On 08/01/17 12:58, Luke Kenneth Casson Leighton wrote:
On Thu, Jan 5, 2017 at 9:24 PM, Luke Kenneth Casson Leighton lkcl@lkcl.net wrote:
i'm not letting you off the hook here after you said that EOMA68's interfaces are "crippled", peter.
ok, so can you see what i did, peter? you laid down a challenge (to do better)... and after three days, you've not responded. you *provisionally* described an alternative standard... but did not follow through.
*that's* what makes the difference, here. it's *not enough* to say "the standard you came up with is rubbish", you have to *follow through*, and if you can't follow through then it's.... you know what i'm trying to say?
The compromises you made are a result of your goals. You wanted a standard that could be implemented with virtually any cheap SoC. That basically forced you into the decisions to use USB and parallel RGB.

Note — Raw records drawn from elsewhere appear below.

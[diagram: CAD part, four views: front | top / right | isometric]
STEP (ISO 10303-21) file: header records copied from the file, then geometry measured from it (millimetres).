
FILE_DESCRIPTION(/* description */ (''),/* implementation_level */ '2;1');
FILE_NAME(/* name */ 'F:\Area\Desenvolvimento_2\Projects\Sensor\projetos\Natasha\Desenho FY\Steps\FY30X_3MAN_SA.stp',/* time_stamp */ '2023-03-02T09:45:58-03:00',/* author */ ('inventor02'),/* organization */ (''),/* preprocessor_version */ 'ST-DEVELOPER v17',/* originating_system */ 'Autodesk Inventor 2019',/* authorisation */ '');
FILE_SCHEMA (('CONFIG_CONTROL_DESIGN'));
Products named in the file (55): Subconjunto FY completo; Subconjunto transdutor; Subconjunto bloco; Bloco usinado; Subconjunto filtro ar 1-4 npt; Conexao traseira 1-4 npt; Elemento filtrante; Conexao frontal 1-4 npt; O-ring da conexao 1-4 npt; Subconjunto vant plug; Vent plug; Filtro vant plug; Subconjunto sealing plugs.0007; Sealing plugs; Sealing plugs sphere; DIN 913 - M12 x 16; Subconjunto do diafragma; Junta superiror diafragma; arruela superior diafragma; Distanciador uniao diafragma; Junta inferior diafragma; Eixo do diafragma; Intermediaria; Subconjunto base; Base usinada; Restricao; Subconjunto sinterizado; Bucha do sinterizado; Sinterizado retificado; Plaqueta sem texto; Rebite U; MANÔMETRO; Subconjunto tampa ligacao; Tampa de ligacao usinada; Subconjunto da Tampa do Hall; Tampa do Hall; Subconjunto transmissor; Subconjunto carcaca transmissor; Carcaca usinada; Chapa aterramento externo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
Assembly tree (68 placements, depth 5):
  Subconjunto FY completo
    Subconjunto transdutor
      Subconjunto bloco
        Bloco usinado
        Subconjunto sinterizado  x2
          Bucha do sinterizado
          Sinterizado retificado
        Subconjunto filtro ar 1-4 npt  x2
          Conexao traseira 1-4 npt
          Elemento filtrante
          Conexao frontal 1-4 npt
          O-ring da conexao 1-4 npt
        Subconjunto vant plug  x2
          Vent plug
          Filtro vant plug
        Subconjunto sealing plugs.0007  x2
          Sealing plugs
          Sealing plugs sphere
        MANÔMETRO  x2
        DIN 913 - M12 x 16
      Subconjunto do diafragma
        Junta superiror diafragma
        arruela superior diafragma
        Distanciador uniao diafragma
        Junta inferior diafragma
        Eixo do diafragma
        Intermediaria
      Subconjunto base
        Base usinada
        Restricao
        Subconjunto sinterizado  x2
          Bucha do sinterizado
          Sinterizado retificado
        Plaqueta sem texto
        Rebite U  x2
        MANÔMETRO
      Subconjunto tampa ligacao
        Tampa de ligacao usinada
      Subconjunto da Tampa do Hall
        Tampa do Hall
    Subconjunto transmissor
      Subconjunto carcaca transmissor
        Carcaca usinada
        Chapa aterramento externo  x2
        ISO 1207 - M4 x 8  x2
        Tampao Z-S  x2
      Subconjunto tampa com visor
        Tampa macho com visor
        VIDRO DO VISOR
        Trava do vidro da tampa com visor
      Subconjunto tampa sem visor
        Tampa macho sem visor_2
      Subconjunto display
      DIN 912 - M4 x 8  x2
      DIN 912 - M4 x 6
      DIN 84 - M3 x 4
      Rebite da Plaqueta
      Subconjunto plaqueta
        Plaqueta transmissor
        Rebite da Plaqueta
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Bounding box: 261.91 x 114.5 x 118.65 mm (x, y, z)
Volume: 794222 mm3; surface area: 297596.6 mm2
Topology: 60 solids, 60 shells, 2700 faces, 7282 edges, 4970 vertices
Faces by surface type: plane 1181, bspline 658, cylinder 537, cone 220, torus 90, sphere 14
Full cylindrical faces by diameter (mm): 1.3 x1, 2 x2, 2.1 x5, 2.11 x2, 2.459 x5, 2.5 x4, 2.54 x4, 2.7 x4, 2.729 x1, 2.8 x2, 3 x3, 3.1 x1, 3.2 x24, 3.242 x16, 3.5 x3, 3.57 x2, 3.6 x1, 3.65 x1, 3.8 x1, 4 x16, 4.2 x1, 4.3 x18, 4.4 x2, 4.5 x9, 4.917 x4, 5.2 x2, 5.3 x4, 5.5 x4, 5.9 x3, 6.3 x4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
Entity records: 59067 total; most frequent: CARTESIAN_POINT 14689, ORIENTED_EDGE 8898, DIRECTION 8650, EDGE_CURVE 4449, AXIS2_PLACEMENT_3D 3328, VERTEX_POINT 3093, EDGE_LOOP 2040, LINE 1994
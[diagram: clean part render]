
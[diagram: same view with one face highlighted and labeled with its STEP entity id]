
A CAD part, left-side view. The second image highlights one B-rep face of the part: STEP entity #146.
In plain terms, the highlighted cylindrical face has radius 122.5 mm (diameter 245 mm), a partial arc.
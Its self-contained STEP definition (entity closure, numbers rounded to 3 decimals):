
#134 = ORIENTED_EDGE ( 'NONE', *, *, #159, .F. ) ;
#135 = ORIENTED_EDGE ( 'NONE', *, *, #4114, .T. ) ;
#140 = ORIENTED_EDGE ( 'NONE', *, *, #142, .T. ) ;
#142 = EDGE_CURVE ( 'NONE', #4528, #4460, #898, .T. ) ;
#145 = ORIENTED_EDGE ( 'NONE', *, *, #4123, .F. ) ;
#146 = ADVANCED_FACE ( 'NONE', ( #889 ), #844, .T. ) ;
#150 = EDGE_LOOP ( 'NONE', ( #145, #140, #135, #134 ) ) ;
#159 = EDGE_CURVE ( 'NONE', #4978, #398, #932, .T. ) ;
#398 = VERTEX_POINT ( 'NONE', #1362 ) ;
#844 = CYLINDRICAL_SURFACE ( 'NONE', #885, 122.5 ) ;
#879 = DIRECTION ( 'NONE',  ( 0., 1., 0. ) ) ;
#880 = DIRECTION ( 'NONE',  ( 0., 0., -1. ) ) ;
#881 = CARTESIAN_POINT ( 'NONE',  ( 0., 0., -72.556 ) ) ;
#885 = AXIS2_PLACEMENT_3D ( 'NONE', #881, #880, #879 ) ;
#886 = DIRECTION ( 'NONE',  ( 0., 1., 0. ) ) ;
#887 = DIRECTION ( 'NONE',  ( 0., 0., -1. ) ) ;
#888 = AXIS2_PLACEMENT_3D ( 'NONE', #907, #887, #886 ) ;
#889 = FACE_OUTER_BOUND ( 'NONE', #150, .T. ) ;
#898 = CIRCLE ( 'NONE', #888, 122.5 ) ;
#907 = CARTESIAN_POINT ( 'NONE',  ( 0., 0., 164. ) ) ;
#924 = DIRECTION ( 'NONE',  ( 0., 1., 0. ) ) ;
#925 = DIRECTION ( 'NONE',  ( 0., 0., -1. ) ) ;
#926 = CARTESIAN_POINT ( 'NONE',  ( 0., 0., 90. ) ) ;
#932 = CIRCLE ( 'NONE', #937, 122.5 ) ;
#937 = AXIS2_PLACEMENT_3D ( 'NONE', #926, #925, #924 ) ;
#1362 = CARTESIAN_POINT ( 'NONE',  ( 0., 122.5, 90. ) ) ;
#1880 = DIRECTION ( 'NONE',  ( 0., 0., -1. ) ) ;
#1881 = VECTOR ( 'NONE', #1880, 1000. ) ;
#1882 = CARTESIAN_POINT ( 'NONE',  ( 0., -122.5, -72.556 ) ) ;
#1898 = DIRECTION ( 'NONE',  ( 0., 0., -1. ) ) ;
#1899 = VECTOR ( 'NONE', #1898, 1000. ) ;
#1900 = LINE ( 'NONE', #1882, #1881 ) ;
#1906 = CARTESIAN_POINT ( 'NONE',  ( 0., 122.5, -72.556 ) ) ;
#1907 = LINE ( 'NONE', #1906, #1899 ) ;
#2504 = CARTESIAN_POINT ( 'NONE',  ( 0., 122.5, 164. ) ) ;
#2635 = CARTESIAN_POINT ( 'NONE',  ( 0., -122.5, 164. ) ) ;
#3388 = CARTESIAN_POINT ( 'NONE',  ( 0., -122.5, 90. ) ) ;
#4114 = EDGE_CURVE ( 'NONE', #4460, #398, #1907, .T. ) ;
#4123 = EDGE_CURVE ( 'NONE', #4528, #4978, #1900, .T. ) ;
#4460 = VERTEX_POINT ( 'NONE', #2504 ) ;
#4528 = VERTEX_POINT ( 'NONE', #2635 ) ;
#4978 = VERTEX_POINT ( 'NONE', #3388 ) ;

Unfortunately USB has a reputation for poor performance and reliability. Some of this is possibly the fault of the USB standards themselves, some is a result of crappy implementations.
Intel has different goals, their job is to make something that takes best advantage of their own current and future products. EOMA68 does not do that, it drags it down to the lowest common denominator. As such I believe that by adopting EOMA68 Intel would be crippling their product. I gave some examples of interfaces I think Intel should include that were unsuitable for EOMA68.
I don't know exactly what Interfaces it would be best for Intel to include, that would require knowing both full details of the chips they plan to use in their current cards as well as their future roadmaps (if they have something on their SoCs today but plan to drop it in the future it would be stupid for them to put it on their compute cards).